There has been a drought in this country for several years. Now states are dealing with massive flooding. Even the astronomical drought in the early part of the 20th Century that decimated the entire country and created the dust bowl eventually ended.


----------



## tleeh1 (Mar 13, 2013)

And don't get me started on the use of water to produce ethanol :gaah:


----------



## AdmiralD7S (Dec 6, 2012)

ContinualHarvest said:


> Look at the Ohio River prior to EPA standards. How many times did the Ohio River catch fire?


Twice, but they were both Cleveland's fault. How bad does your city have to be when you can't put out a cigarette fire with water?

I'm probably going to catch shit for this post


----------



## TheLazyL (Jun 5, 2012)

OP #19 Colorado River doesn't reach the ocean?

According to Wikipedia it does. But can we test anything that Al Bore invented? So I checked a recent satellite picture. Colorado River makes it all the way.

Since the Author is either uniformed, misinformed, or a liar and/or doesn't give a hoot. Then why should I belive any of the rest of his article?


----------



## fteter (May 23, 2014)

Here is the thing IMHO: the author is restating the obvious, regardless of his accuracy in reading. Any serious preps include a plan for potable water in times of emergency or stress. Does anybody really plan to rely on water continuing to flow through the tap during a significant disruption or emergency?

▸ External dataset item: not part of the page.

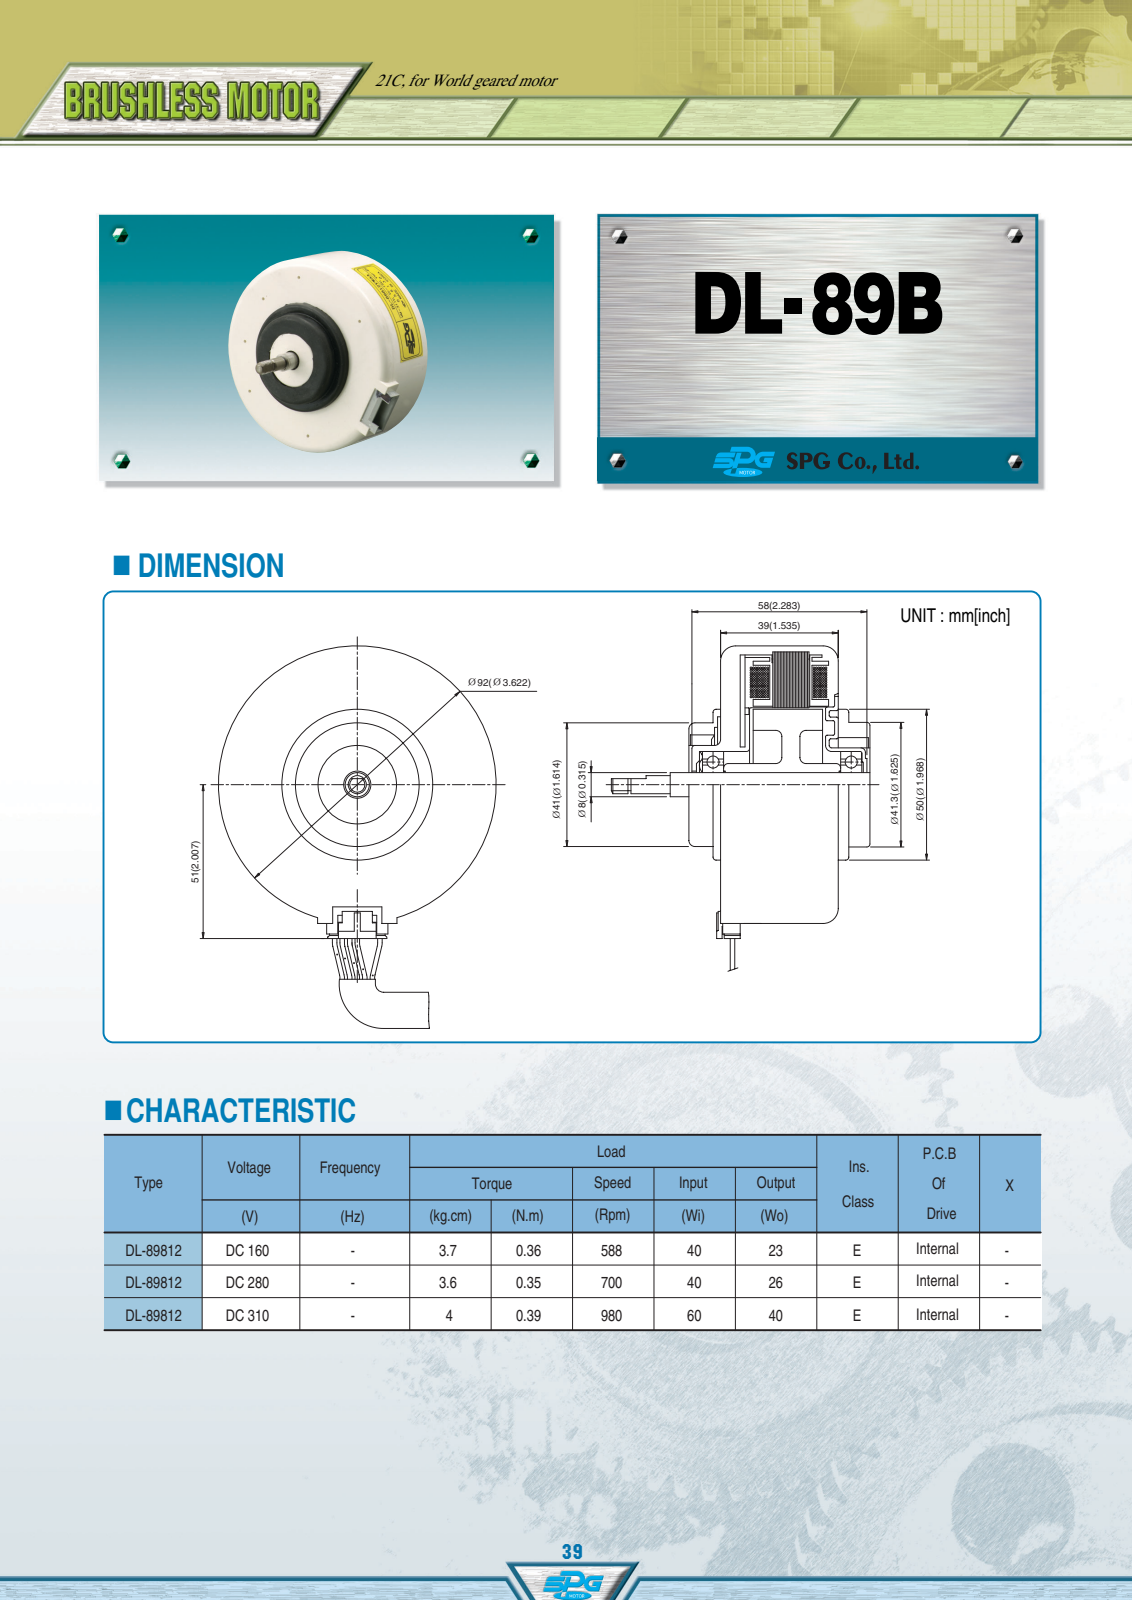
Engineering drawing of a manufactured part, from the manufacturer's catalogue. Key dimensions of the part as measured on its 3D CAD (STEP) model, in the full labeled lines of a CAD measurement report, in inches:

Heck, Maslow taught us to do better than that.

So you have to agree with the author's implicit conclusion that we need to do something about preparing to water shortages and supply disruptions. So far as the reasoning behind it...it's pretty irrelevant to even the moderately-serious prepper (in addition to working with the erroneous assumption that recent history is an indicator of future results when it comes to demographics and weather patterns). 

Plan for potable water, execute against your plan before you need it, and stop losing sleep over it.


----------



## RevWC (Mar 28, 2011)

No Colorado River Water Shortage? Source Las Vegas Sun..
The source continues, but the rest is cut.